Field	What the code does
status.observedGeneration	Last generation processed by the DevSession controller.
status.phase	Pending, Ready, Failed, or Deleting.
status.deploymentName	Name of the operator-managed dev deployment, usually <session>-dev.
status.pvcName	Name of the operator-managed workspace PVC, usually <session>-workspace.

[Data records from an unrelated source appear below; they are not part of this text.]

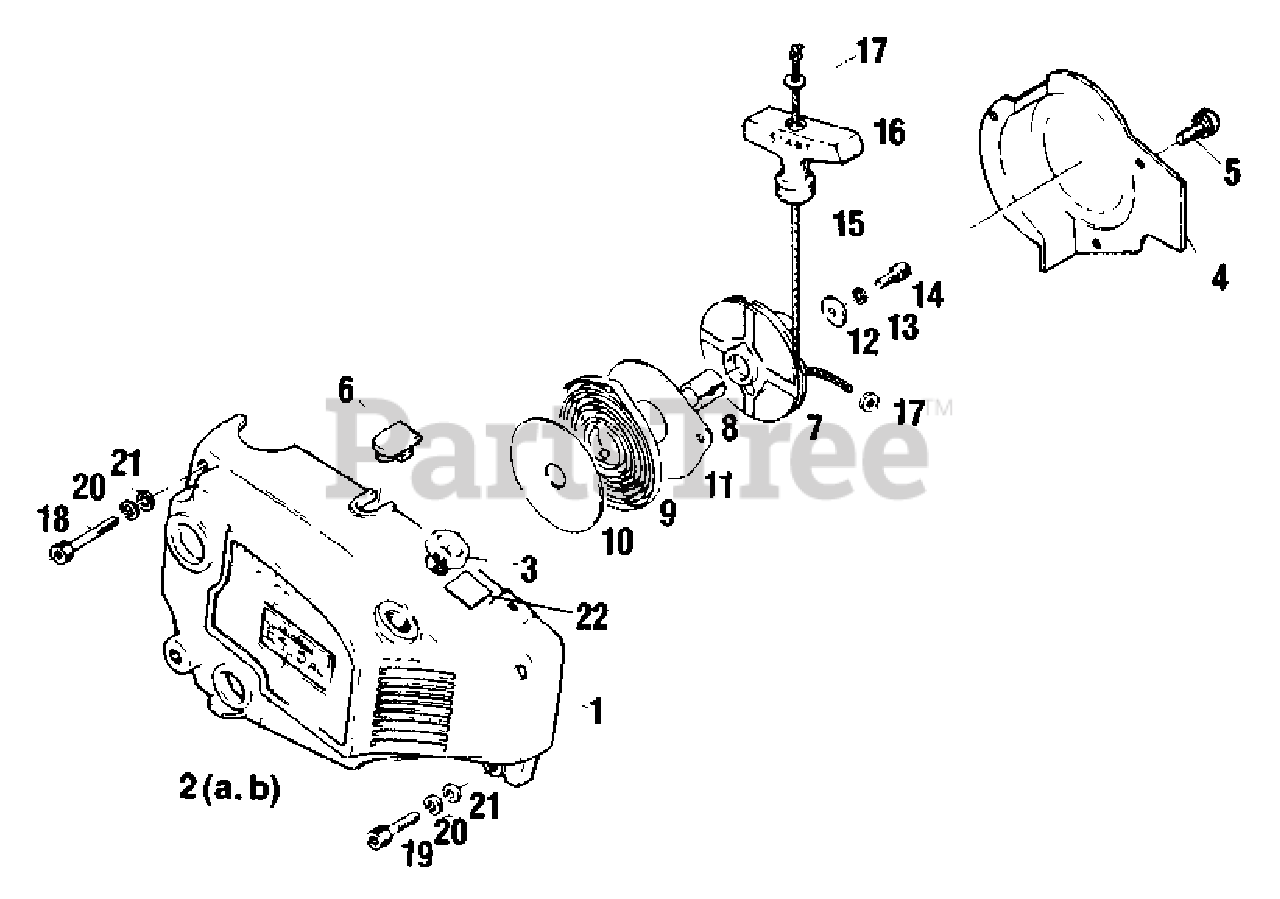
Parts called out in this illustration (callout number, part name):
1	CASE, STARTER
2A	NAME PLATE (B)
2B	NAME PLATE (B)
4	DEFLECTOR, AIR
5	SCREW - 4X8
7	REEL, ROPE
8	BUSHING, REEL
9	SPRING, REWIND
10	PLATE - A
11	PLATE - B
12	WASHER
13	LOCKWASHER - 4
14	SCREW - 4X10
15	ROPE
16	GRIP, STARTER
17	KNOB, STOPPER
18	SCREW - 4X35
19	SCREW - 4X24
20	LOCKWASHER - 4
21	WASHER - 4
22	CAUTION PLATE (A)

status.serviceName	Sandbox service that now points at the dev deployment while the session is active.
status.containerName	Effective container selected for the workspace mount.
status.ports[]	Service ports exposed by the workload for CLI port-forwarding.
status.conditions[]	Uses Resolved and Ready. Ready=True means the dev deployment is serving traffic.

What To Author Directly

• Use Sandbox when you want the higher-level API and are happy with one-backend-per-interception routing.
• Use SandboxGroup directly when you want fixed frozen workload clones without the higher-level Sandbox API.
• Use SandboxRoute directly when you need routing features the Sandbox CRD does not expose, such as multiple weighted backends in a single rule.
• Use DevSession when you want a PVC-backed development pod for a specific sandbox workload and you need the sandbox service to shift over to that dev pod while you iterate locally.